Amiri tugged against his restraints. “That is why you had the rebels burn the camp. You truly were getting rid of evidence.”
“And me?” Rikki swayed forward. “How do I fit into this?”
“We need to improve the process. We must make it … more efficient. It is guesswork, experimentation, but your genetic material confers upon you a unique strength that has, based on our research, saved your life innumerable times. It is, in fact, like finding an individual who is one immense CCR5 mutation.”
Confusion passed fleetingly over Rikki’s face. Amiri watched
Broker, too. Felt keenly that they were treading on unsteady ground, that this was the beginning of the end, and that the man would lose patience soon. Still, he had to ask. “What is that?”

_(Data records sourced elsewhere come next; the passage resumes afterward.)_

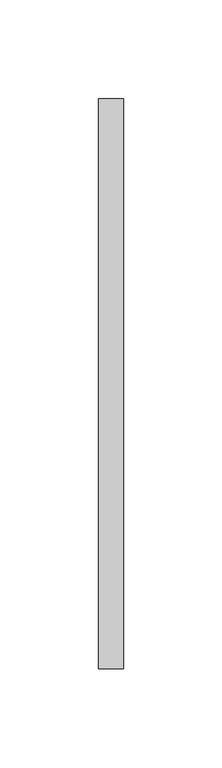
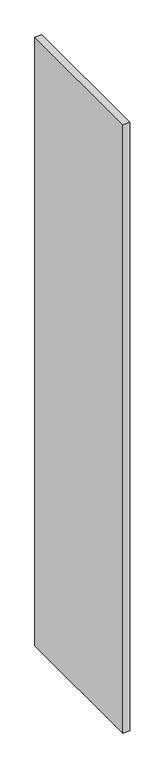
"""IFC4 building model written with IfcOpenShell, lengths in millimetres: proxy geometry, Inner panel:Inner panel:1:Inner panel:1 : Inner panel:Inner panel:300324:300043:Inner panel:1:Inner panel:1 : Inner panel:Inner panel:300324:300043 : Inner panel:Inner panel:1:Inner panel:1 : Inner panel:Inner panel:300324:300043:35 : Inner panel:Inner panel:1:Inner panel:1 : Inner panel:Inner panel:300324:300043:Inner panel:1:Inner panel:1 : Inner panel:Inner panel:300324:300043 : Inner panel:Inner panel:1:Inner panel:1 : Inner panel:Inner panel:300324:300043:300031."""

from ifc_helpers import new_model, si_unit, frame, origin, place, context, project, spatial, polyline, outline, extrude, source, transform, mapped, element, save


def generic_models_6cc5dbe0(model_context):
    return source(origin(), model_context, "Body", "SweptSolid", [
        extrude(outline(polyline([(579307.711724, -578724.4663841), (579320.4117239, -578724.4663841), (579320.4117239, -579013.3913841), (579307.711724, -579013.3913841), (579307.711724, -578724.4663841)])), frame((0.0, 0.0, 4946.65), z_axis=(0.0, 0.0, 1.0), x_axis=(1.0, 0.0, 0.0)), (0.0, 0.0, 1.0), 1219.2),
    ])


if __name__ == "__main__":
    model = new_model("IFC4")
    model_context = context("Model", 3, world=origin())
    ifc_project = project(units=[si_unit("LENGTHUNIT", "METRE", prefix="MILLI")], contexts=[model_context])
    site = spatial("IfcSite", under=ifc_project)
    building = spatial("IfcBuilding", under=site)
    placement = place(None, origin())
    generic_models_shape = generic_models_6cc5dbe0(model_context)
    element("IfcBuildingElementProxy", 1, Name="Inner panel:Inner panel:1:Inner panel:1 : Inner panel:Inner panel:300324:300043:Inner panel:1:Inner panel:1 : Inner panel:Inner panel:300324:300043 : Inner panel:Inner panel:1:Inner panel:1 : Inner panel:Inner panel:300324:300043:35 : Inner panel:Inner panel:1:Inner panel:1 : Inner panel:Inner panel:300324:300043:Inner panel:1:Inner panel:1 : Inner panel:Inner panel:300324:300043 : Inner panel:Inner panel:1:Inner panel:1 : Inner panel:Inner panel:300324:300043:300031", ObjectType="Inner panel:Inner panel:1:Inner panel:1 : Inner panel:Inner panel:300324:300043:Inner panel:1:Inner panel:1 : Inner panel:Inner panel:300324:300043 : Inner panel:Inner panel:1:Inner panel:1 : Inner panel:Inner panel:300324:300043:35 : Inner panel:Inner panel:1:Inner panel:1 : Inner panel:Inner panel:300324:300043:Inner panel:1:Inner panel:1 : Inner panel:Inner panel:300324:300043 : Inner panel:Inner panel:1:Inner panel:1 : Inner panel:Inner panel:300324:300043:300031", at=placement, inside=building, context=model_context, shape_type="MappedRepresentation", body=[
        mapped(generic_models_shape, transform((0.0, 0.0, 0.0), x_axis=(1.0, 0.0, 0.0), y_axis=(0.0, 1.0, 0.0), z_axis=(0.0, 0.0, 1.0))),
    ])
    save(model, "model.ifc")

# Revit data of these elements
# Type "Inner panel:Inner panel:1:Inner panel:1 : Inner panel:Inner panel:300324:300043:Inner panel:1:Inner panel:1 : Inner panel:Inner panel:300324:300043 : Inner panel:Inner panel:1:Inner panel:1 : Inner panel:Inner panel:300324:300043:35 : Inner panel:Inner panel:1:Inner panel:1 : Inner panel:Inner panel:300324:300043:Inner panel:1:Inner panel:1 : Inner panel:Inner panel:300324:300043 : Inner panel:Inner panel:1:Inner panel:1 : Inner panel:Inner panel:300324:300043:300031"
#   NameOverride = "Inner panel:Inner panel:1:Inner panel:1 : Inner panel:Inner panel:300324:300043:Inner panel:1:Inner panel:1 : Inner panel:Inner panel:300324:300043 : Inner panel:Inner panel:1:Inner panel:1 : Inner panel:Inner panel:300324:300043:300031"
#   ObjectTypeOverride = "Inner panel:1:Inner panel:1 : Inner panel:Inner panel:300324:300043 : Inner panel:Inner panel:1:Inner panel:1 : Inner panel:Inner panel:300324:300043"
#   Reference = "Inner panel"
#   Tag = "300031"
# Element 1 (IfcBuildingElementProxy, "Inner panel:Inner panel:1:Inner panel:1 : Inner panel:Inner panel:300324:300043:Inner panel:1:Inner panel:1 : Inner panel:Inner panel:300324:300043 : Inner panel:Inner panel:1:Inner panel:1 : Inner panel:Inner panel:300324:300043:35 : Inner panel:Inner panel:1:Inner panel:1 : Inner panel:Inner panel:300324:300043:Inner panel:1:Inner panel:1 : Inner panel:Inner panel:300324:300043 : Inner panel:Inner panel:1:Inner panel:1 : Inner panel:Inner panel:300324:300043:300031")
#   Materials on its faces: "1/2\" FIBERGLASS MAT GYPSUM PANELS"
# Materials
#   "1/2\" FIBERGLASS MAT GYPSUM PANELS": class "Generic", colour RGB 171 170 168, transparency 0, Description = "Gypsum Wall Board", Cost = 0

Rikki never took her gaze from Broker. “It’s a gene that has been found to confer a natural immunity to certain diseases, such as HIV. Even the plague.”
“But imagine something on an even larger scale.” Broker’s eyes narrowed, became pale specks in the paler mask of his hollow face. “Imagine a genetic makeup that prevents total illness, that keeps bones strong, that makes your flesh heal faster than the norm. That is you, Doctor Kinn. And it is valuable because it makes you strong … and because good health is something no one ever notices.”
Rikki exhaled slowly. Controlled, steady. “You’re full of shit.”
“And your blood is full of antibodies for the virus. You contracted it, my dear. And you were immune. As is Amiri, I suspect. Shape-shifters seem to be resistant to so much.”
“And Eddie? He got sick. He … died. That seems to defeat your purpose.”
Broker smiled, faintly. “Tinkering is required. Again, you will help with that.”
“You’ve killed so many,” she said tightly, almost desperately. “Someone will catch on.”
“More than four million have died in this region since 1998. What is a handful more compared to that? No one will notice, Doctor Kinn, but even if they do, it will simply become another statistic. And we will continue, here or elsewhere. We always do.”
A radio crackled; one of the men answered it, speaking softly. And then: “Sir, Jaaved is nearing our location.”
Broker showed no reaction. He gestured at the men surrounding Rikki. One of them grabbed her arm, yanking with a roughness that made Amiri see red. Broker watched his reaction, and dropped his hand to the fly of his pants. “I wonder, perhaps, if I have time to use you for sport, Doctor Kinn. Right here, right now. Just to drive Amiri insane.”
“You will not touch her,” he snarled.
Broker smiled. “What if I already have?”
Enough. Amiri finally moved. Shoulder throbbing. Sluggishly, but still fast enough. He launched himself at Broker. Body-slammed the man so hard they flew. Amiri’s fangs dropped. He could smell blood, already taste it.